Anti-depressants Weaken The Bones Of Menopausal Women

Scientists have declared anti-depressants dangerous for women going through menopause. Women take the help of anti-depressants to endure the stress of menopause, but now scientists have said that anti depressants increase the risk of broken bones by 76%.

Doctors are being urged to reduce the period for which they prescribe the pills, as the risk continues to last for several years after the women have taken the drugs.

Menopause means the onset of Irregular periods, Vaginal dryness, Hot flashes, Night sweats, Sleep problems, Mood changes, Weight gain and slowed metabolism, Thinning hair and dry skin and Loss of breast fullness.

In order to endure the pain of having to go through all of this, doctors prescribe a type of anti-depressant called SSRI (selective serotonin reuptake inhibitors) the most common one being Prozac.

But now a new research has suggested that a side effect of taking these pills may be the weakening of bones.

SSRIs are among the most commonly prescribed drugs in Britain. Some 30 million prescriptions for them were given out in England last year, at a cost of £74 million (NZ$170 million).

It is not known how many are giving to menopausal females, but it is widely believed that doctors prefer giving anti-depressants rather than hormone replacement therapy, fearing the risk of heart problems.

But new NHS guidelines are expected to notify doctors to stop excluding certain women from access to HRT.
Researchers from Northeastern University in Boston analysed data from 370,000 American menopausal women over 12 years. Of these, 137,000 took SSRIs, including fluoxetine, which is known as Prozac, as well as hydrobromide, oxalate, fluvoxamine, paroxetine and sertraline.

This group was then compared to another group, consisting of 236,000 women, who were prescribed indigestion pills over the same period of time.

Among those who took the SSRIs, the rate of fractures was 76 per cent higher one year after starting treatment, 73 per cent higher after two years and 67 per cent higher after five years.
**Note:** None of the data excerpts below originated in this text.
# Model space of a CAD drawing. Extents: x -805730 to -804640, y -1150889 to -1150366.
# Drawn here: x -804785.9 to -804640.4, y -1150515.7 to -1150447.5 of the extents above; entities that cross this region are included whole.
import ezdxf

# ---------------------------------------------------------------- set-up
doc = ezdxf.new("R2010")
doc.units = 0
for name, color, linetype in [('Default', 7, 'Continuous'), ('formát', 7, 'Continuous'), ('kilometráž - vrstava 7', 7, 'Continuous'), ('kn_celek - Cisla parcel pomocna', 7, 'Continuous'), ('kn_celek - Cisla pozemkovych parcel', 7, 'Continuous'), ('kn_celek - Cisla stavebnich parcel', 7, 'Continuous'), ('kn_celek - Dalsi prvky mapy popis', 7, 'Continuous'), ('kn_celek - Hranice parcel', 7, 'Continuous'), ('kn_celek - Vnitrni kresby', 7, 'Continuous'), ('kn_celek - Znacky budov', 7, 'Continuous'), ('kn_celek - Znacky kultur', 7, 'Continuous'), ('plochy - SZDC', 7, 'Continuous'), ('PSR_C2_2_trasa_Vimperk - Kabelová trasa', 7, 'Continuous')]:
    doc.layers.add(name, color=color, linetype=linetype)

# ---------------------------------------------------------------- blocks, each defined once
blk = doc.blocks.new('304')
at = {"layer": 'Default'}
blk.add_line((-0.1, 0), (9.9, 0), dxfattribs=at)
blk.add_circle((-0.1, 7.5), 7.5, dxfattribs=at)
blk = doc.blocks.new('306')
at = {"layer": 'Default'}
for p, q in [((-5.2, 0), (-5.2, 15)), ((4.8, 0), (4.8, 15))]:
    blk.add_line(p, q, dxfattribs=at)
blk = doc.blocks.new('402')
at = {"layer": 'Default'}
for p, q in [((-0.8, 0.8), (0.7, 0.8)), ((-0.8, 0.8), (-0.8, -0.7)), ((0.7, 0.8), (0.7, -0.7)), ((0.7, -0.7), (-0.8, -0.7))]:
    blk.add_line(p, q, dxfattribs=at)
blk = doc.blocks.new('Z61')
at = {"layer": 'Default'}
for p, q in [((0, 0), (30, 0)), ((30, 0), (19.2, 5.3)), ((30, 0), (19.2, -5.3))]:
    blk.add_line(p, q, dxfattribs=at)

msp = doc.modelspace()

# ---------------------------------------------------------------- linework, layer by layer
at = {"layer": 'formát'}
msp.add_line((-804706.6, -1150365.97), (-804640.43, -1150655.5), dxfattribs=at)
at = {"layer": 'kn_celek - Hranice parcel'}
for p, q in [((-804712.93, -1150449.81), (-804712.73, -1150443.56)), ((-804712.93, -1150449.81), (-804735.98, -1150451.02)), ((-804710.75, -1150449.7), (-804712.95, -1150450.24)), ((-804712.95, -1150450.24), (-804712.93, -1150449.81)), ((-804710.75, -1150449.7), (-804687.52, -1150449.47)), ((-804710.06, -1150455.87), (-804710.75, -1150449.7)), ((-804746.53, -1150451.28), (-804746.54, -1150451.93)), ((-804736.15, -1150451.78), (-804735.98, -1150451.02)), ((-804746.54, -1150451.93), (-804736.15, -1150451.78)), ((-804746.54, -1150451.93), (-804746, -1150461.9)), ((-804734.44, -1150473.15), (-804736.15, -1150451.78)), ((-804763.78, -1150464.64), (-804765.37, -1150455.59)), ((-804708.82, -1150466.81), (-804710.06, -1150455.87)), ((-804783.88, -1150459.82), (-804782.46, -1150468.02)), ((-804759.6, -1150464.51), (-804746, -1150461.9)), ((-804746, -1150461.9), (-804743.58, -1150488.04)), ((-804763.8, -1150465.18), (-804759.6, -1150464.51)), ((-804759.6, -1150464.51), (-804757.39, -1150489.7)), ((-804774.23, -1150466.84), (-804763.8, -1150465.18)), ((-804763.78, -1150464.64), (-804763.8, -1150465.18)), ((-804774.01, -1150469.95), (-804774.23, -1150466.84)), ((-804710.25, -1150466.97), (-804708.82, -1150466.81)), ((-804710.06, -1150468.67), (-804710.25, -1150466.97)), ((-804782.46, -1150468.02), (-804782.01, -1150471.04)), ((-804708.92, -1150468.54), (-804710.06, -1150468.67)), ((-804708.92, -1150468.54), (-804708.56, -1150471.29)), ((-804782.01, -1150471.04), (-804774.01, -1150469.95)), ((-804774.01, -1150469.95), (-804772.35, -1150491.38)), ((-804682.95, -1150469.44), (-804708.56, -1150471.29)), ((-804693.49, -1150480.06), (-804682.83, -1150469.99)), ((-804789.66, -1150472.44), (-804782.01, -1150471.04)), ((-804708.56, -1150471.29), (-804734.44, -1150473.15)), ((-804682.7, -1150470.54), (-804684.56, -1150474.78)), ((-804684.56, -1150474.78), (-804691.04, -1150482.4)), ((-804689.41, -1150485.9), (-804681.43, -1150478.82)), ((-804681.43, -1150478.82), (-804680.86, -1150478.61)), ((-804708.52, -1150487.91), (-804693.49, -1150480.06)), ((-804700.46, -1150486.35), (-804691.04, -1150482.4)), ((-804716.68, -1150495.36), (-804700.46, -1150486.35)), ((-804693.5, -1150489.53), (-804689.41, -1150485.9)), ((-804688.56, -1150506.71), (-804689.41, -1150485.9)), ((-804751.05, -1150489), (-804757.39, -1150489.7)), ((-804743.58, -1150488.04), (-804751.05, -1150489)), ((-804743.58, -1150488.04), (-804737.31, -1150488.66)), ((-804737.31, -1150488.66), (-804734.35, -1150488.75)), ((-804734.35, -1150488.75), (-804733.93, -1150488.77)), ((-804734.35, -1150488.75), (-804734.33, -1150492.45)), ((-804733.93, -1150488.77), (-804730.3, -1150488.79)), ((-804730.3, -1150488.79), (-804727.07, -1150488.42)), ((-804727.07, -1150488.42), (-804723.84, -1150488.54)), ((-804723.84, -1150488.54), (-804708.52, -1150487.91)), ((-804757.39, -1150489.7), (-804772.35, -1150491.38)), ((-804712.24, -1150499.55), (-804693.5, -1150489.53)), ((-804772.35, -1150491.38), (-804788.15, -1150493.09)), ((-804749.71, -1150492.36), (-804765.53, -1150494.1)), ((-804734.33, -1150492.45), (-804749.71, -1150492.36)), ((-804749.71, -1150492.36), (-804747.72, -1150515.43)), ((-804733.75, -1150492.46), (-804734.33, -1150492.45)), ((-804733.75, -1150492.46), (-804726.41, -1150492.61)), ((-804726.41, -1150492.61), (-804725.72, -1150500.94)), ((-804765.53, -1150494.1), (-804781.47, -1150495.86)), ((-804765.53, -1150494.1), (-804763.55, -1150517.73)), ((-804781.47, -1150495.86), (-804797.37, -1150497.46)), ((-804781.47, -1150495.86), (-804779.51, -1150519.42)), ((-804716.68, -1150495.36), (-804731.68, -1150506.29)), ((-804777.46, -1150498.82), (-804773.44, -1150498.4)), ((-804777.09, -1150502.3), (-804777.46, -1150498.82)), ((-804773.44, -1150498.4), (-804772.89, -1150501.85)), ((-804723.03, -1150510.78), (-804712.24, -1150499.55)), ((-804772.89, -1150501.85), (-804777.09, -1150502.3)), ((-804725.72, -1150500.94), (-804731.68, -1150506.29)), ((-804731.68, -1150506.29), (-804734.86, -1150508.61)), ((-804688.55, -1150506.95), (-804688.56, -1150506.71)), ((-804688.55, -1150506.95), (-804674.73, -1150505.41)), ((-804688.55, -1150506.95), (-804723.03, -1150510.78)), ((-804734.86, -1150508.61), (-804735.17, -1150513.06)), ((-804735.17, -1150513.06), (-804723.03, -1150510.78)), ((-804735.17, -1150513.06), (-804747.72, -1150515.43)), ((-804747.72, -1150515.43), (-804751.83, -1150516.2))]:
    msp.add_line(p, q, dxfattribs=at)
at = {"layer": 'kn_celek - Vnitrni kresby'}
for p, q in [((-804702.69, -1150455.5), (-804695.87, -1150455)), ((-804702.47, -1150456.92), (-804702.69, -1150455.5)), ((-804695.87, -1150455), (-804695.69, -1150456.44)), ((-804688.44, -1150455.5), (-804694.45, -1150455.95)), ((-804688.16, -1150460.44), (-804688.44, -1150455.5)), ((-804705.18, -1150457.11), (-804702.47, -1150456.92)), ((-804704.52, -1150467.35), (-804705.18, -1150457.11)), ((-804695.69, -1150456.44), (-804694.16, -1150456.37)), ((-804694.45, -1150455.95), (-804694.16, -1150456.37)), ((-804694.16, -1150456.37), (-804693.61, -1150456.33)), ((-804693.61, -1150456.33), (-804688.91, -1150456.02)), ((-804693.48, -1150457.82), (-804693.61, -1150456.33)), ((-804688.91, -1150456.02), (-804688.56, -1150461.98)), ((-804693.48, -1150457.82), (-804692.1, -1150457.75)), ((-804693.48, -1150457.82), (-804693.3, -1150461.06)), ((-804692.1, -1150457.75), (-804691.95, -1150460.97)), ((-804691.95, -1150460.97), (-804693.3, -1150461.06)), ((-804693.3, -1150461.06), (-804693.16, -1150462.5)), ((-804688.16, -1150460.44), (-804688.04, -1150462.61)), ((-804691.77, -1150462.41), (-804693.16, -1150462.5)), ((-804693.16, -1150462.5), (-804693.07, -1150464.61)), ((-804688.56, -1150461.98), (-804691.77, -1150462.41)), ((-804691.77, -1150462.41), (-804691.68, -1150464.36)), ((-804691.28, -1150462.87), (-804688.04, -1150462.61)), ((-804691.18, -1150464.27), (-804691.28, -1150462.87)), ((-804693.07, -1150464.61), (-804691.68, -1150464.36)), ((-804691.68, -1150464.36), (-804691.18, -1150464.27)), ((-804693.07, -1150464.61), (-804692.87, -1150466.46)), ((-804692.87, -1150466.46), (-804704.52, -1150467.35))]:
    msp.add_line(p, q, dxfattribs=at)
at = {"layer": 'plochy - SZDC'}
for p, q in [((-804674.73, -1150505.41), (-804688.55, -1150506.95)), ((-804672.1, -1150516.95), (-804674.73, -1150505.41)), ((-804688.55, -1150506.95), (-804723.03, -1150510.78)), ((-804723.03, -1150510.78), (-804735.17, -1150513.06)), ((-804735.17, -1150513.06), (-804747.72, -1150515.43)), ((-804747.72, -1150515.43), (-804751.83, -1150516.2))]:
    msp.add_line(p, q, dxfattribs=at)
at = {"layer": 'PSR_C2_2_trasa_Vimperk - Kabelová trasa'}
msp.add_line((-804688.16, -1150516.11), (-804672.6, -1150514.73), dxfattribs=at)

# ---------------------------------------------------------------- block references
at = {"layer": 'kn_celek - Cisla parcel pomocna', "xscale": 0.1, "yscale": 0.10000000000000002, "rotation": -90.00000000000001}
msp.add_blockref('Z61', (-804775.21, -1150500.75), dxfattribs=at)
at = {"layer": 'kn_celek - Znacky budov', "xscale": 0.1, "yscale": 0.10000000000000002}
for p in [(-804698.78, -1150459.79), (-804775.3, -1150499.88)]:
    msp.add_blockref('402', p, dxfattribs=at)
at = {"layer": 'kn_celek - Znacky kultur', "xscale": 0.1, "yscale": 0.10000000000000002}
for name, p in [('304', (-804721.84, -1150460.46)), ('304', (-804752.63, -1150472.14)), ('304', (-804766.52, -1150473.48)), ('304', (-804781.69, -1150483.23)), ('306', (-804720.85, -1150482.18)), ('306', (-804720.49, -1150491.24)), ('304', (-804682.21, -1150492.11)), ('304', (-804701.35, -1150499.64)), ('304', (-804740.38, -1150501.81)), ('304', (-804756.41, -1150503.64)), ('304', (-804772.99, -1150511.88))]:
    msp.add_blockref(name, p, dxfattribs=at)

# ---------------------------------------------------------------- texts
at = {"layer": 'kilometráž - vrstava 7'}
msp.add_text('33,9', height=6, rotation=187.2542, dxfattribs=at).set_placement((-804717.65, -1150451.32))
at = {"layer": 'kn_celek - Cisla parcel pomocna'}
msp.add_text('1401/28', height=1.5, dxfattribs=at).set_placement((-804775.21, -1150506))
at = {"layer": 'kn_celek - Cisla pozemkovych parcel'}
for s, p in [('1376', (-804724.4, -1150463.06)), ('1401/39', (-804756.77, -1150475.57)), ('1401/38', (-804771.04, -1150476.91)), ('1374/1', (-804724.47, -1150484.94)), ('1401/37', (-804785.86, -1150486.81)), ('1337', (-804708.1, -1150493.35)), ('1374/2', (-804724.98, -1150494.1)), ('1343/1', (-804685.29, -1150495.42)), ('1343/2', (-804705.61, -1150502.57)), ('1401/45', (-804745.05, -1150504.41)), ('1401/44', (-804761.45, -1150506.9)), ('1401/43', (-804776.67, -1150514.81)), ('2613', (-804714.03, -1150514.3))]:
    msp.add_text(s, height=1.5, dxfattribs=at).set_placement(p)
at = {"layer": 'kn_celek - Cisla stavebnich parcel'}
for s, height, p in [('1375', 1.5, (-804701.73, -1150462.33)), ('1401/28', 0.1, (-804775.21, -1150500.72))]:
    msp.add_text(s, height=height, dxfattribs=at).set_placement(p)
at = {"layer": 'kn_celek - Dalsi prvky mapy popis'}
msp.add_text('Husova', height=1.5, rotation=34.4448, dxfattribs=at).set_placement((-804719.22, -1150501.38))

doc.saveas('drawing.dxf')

However, the researchers admitted that there study was purely based on statistics, so they could draw no definitive conclusions about cause and effect. But previous research has suggested that anti-depressants may alter the way bones grow, making them thinner and weaker.

The authors, led by injury prevention expert Professor Matthew Miller, wrote in Injury Prevention, part of the British Medical Journal group: “SSRIs appear to increase fracture risk among middle-aged women without psychiatric disorders, an effect sustained over time, suggesting that shorter duration of treatment may decrease this.

Further studies will clarify whether this association between anti-depressants and weaker bones persists at lower doses of the drug.

The National Institute for Health and Care Excellence is expected to publish guidelines later this year telling NHS doctors to stop denying HRT to menopausal women who have high blood pressure.